🎯 Project Objective:
This project aims to develop a robust statistical model to predict neonatal weight using a dataset from three hospitals. The focus is on analyzing various maternal and neonatal variables to assess their influence on newborn weight, with particular attention to the impact of maternal smoking.
🔍 Data Mastery:
- Utilized a comprehensive dataset of 2500 newborns, enhancing understanding of key factors influencing neonatal weight.
- Executed meticulous data cleaning and verification to ensure the accuracy of the analysis.
🌟 Challenging Task Conquered:
- Developed predictive models incorporating multiple variables that significantly affect neonatal outcomes.
- Addressed complex statistical challenges, such as nonlinear relationships and interactions between variables.
💡 Innovative Approaches:
- Employed advanced inferential statistical methods to draw meaningful conclusions about neonatal weight influences.
- Implemented a multiple linear regression model, exploring beyond linear assumptions by investigating potential nonlinear effects and interactions.
📊 Key Dataset Properties:
- The dataset includes variables such as mother's age, number of pregnancies, gestational age, and neonatal physical measurements.
- Captures key categorical data like maternal smoking, type of delivery, hospital ID, and sex of the newborn, providing a rich basis for multivariate analysis.
🔮 Your Impact:
- Significantly advanced the field of neonatal care by identifying critical maternal and neonatal factors that predict weight at birth.
- Enhanced decision-making tools for healthcare professionals, contributing to improved neonatal health strategies.
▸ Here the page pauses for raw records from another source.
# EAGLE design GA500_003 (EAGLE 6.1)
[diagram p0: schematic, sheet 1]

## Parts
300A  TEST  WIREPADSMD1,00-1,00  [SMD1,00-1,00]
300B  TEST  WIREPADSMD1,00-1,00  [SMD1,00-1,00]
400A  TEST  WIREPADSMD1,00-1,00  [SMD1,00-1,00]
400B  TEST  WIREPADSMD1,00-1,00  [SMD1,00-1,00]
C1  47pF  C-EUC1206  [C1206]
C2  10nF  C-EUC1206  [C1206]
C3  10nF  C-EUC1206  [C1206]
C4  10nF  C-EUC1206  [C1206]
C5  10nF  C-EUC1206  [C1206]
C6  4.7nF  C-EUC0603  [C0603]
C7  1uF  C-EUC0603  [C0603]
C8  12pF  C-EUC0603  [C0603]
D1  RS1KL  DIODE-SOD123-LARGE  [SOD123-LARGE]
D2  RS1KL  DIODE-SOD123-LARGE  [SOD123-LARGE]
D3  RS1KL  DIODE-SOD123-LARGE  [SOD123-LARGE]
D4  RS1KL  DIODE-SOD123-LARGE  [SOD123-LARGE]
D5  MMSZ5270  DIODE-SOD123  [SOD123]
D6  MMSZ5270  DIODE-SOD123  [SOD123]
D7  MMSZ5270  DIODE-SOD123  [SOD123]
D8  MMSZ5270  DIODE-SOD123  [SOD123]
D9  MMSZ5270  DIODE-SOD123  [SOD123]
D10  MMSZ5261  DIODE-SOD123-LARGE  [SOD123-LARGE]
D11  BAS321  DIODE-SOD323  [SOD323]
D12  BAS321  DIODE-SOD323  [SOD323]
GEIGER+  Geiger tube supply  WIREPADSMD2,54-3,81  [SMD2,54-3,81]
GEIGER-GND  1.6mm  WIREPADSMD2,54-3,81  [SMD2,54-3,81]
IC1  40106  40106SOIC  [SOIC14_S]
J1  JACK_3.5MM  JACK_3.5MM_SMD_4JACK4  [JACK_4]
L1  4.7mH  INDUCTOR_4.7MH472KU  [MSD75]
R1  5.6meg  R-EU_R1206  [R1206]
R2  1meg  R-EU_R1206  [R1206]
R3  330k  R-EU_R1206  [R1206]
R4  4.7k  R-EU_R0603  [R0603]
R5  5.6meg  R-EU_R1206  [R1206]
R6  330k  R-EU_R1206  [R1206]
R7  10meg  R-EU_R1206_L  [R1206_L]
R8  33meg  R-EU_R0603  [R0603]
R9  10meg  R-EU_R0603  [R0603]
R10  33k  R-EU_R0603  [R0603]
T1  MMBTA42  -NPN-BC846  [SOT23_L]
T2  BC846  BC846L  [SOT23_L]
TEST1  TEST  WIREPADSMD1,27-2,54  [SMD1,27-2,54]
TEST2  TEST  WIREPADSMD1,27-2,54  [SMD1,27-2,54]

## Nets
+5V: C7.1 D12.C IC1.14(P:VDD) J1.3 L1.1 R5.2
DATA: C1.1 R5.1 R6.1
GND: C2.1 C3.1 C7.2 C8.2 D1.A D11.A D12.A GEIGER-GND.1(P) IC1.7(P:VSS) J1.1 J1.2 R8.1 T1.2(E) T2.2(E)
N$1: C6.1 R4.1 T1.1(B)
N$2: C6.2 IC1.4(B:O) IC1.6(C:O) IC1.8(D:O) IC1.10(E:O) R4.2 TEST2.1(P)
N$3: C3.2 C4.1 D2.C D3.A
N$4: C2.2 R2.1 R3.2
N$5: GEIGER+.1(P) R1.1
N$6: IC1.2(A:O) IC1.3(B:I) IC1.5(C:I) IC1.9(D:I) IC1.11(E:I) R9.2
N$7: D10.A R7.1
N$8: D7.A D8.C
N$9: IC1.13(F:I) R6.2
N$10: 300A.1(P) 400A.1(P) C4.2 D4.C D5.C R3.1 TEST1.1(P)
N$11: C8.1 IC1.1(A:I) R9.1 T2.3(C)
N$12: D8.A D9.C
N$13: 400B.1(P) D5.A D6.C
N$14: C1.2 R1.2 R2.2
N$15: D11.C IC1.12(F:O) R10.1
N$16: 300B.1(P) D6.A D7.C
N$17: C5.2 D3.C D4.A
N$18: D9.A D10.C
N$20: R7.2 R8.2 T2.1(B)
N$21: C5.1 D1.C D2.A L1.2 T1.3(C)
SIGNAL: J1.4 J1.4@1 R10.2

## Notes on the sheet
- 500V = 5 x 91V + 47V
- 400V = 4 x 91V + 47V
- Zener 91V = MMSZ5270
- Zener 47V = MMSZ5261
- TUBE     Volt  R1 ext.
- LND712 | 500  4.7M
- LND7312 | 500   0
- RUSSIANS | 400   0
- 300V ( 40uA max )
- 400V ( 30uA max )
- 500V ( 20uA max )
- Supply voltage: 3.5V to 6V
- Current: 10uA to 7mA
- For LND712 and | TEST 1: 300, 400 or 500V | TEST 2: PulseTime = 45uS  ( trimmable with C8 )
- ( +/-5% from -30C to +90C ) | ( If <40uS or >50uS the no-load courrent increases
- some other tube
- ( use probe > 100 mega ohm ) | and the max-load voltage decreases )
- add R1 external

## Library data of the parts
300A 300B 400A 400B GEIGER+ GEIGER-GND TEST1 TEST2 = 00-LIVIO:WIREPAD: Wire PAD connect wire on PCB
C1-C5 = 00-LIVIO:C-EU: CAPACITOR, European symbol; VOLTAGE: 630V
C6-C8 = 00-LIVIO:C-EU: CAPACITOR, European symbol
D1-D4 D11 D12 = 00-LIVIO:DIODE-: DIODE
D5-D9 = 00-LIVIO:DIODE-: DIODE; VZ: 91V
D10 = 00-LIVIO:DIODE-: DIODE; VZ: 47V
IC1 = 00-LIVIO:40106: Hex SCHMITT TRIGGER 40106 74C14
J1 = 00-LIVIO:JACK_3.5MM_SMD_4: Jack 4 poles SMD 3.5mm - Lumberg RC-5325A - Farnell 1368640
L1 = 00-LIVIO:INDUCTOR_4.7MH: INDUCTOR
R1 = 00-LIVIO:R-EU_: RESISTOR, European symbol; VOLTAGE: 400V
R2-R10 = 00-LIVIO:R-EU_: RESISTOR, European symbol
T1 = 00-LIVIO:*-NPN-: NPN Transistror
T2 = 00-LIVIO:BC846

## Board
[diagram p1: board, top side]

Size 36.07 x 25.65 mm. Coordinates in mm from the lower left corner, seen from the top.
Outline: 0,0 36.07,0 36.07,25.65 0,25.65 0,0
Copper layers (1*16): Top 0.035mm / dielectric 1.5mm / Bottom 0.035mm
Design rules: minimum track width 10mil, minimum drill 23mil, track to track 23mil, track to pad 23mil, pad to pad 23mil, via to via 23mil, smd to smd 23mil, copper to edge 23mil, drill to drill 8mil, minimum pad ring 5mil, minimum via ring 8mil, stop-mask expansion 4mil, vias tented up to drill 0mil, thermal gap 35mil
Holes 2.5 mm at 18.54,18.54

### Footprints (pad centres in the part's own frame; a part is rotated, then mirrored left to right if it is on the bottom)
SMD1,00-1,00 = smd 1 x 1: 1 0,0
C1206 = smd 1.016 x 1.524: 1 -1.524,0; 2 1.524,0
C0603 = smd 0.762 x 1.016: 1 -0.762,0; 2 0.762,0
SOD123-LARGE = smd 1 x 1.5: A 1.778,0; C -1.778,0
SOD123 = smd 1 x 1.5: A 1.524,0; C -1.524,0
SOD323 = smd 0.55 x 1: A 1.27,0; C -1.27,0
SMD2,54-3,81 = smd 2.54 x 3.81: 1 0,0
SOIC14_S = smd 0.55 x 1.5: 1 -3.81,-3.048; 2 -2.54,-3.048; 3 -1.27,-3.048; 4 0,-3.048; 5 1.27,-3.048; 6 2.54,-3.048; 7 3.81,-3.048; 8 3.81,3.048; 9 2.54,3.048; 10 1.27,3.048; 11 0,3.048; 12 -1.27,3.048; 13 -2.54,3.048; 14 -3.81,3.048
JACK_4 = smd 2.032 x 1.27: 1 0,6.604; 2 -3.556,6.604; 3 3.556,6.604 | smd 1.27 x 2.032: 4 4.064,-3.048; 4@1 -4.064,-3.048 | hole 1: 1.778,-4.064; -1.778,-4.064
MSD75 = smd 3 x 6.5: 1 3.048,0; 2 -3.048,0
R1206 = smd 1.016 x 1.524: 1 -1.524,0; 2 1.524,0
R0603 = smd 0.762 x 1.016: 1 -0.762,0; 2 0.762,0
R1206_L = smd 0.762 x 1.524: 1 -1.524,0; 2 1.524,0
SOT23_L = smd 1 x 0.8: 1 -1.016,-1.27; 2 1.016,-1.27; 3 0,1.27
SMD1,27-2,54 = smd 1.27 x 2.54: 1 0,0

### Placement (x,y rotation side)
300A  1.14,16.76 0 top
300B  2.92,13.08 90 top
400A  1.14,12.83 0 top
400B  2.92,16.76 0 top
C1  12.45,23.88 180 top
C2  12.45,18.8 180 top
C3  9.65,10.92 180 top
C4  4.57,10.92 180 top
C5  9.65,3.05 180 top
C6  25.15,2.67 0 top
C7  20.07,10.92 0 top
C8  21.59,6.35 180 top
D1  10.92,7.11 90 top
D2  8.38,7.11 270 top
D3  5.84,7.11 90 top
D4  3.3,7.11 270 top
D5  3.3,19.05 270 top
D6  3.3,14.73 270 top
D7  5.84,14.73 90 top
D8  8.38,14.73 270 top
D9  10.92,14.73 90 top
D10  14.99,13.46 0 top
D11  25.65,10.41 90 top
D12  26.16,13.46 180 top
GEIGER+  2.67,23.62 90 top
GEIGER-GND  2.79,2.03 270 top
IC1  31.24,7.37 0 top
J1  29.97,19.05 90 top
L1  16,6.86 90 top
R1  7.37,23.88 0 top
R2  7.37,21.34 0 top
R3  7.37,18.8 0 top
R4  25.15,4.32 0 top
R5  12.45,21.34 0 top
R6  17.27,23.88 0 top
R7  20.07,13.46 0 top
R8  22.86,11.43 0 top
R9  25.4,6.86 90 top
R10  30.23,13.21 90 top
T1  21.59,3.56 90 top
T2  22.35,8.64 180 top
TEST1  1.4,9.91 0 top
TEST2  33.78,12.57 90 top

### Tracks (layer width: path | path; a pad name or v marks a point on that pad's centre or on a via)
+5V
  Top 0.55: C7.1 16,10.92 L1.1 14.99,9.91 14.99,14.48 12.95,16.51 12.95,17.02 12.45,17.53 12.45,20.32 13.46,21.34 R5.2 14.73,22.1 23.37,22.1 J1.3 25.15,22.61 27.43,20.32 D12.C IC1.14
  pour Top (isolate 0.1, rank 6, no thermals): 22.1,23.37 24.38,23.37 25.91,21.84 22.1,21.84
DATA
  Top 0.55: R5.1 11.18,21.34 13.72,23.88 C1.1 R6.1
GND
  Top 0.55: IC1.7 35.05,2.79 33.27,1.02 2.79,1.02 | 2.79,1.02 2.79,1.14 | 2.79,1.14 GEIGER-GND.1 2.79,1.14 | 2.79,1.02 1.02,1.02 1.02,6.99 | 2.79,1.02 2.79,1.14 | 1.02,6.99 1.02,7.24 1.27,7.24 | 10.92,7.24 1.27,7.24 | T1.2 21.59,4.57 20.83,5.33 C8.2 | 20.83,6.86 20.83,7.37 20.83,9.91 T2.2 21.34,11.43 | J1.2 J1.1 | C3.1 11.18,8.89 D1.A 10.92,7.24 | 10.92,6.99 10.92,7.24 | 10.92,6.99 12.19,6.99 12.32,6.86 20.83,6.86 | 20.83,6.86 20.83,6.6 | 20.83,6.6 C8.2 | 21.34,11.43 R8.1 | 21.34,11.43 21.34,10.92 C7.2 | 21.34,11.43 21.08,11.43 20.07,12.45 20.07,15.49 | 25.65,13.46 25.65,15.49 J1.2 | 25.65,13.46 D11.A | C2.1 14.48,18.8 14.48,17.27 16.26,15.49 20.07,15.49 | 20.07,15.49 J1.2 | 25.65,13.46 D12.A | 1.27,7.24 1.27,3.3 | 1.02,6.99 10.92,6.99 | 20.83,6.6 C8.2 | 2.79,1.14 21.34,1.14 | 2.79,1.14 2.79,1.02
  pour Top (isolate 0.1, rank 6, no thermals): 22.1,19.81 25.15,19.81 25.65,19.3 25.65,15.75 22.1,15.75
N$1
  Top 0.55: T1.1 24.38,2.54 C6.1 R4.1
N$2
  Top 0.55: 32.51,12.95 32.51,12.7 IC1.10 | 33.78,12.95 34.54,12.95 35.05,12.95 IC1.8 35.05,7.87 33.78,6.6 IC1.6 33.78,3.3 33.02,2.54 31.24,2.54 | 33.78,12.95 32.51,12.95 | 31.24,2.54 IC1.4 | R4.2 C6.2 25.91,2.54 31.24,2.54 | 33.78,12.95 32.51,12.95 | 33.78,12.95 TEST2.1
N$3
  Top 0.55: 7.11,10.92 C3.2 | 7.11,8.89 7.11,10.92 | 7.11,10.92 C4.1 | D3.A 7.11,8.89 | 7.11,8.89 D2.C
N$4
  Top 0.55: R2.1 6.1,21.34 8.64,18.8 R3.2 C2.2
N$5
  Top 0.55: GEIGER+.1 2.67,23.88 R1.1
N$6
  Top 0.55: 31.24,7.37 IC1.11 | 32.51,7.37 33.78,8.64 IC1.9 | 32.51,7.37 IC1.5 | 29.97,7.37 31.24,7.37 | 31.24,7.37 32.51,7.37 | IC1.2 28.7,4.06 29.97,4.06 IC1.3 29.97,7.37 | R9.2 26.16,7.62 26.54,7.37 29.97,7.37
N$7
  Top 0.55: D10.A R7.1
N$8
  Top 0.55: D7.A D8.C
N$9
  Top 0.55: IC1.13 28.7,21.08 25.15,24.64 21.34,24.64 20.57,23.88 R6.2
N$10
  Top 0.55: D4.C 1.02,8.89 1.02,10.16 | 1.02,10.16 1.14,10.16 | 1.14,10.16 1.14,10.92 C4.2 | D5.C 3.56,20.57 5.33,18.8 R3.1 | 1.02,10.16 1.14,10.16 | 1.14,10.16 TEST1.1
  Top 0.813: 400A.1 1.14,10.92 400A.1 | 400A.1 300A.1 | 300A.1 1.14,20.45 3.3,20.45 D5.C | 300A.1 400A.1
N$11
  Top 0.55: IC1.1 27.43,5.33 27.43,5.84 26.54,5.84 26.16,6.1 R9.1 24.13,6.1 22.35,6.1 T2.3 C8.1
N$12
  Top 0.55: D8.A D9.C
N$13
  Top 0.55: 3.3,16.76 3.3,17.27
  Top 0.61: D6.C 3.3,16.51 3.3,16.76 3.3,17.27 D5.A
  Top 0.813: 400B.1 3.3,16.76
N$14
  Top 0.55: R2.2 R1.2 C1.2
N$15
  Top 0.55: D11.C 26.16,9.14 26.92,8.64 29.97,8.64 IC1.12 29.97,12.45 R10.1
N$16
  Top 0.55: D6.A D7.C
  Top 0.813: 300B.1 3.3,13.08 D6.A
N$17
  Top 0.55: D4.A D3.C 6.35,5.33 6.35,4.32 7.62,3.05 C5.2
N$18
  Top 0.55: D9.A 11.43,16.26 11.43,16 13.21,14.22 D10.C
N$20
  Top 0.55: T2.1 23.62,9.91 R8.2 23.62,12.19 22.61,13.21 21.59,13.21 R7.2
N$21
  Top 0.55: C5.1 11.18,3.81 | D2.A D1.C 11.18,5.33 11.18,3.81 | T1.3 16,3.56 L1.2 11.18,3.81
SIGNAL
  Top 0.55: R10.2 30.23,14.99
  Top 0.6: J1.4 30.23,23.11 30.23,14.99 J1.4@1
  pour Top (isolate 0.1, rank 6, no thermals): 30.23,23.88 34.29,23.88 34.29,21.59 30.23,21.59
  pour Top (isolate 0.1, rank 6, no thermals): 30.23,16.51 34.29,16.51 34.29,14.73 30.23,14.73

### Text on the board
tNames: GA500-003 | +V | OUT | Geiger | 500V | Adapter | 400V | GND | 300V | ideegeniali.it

🔗 GitHub Repository: Dive into the codebase to follow the journey of crafting a sophisticated statistical model in R. Discover how exploratory data analysis, hypothesis testing, and regression modeling come together to predict neonatal weight effectively. See how each analytical step contributes to a comprehensive understanding of the factors impacting newborn health.
-
Data Import:
- Ensured accurate import and handling of the
neonati.csv
dataset into the R environment.
- Ensured accurate import and handling of the
-
Descriptive Analysis:
- Thoroughly described dataset properties, focusing on variables critical to neonatal weight prediction.
-
Exploratory Data Analysis (EDA):
- Utilized statistical indices and visual tools to uncover patterns and insights within the data.
-
Hypothesis Testing:
- Tested hypotheses about differences in neonatal weights and lengths, across various subgroups including gender and hospital type.
-
Multivariate Analysis:
- Developed and refined a multiple linear regression model, using rigorous criteria to select the most effective model.
-
Residual Analysis:
- Performed detailed diagnostics to ensure the model’s reliability, identifying influential cases that could impact predictive performance.
-
Predictive Performance:
- Evaluated the model's accuracy through real-world predictions, such as estimating the weight for a third pregnancy at the 39th week without ultrasound data.
- Model Visualization:
- Created detailed graphical representations to make the statistical model's results accessible and understandable.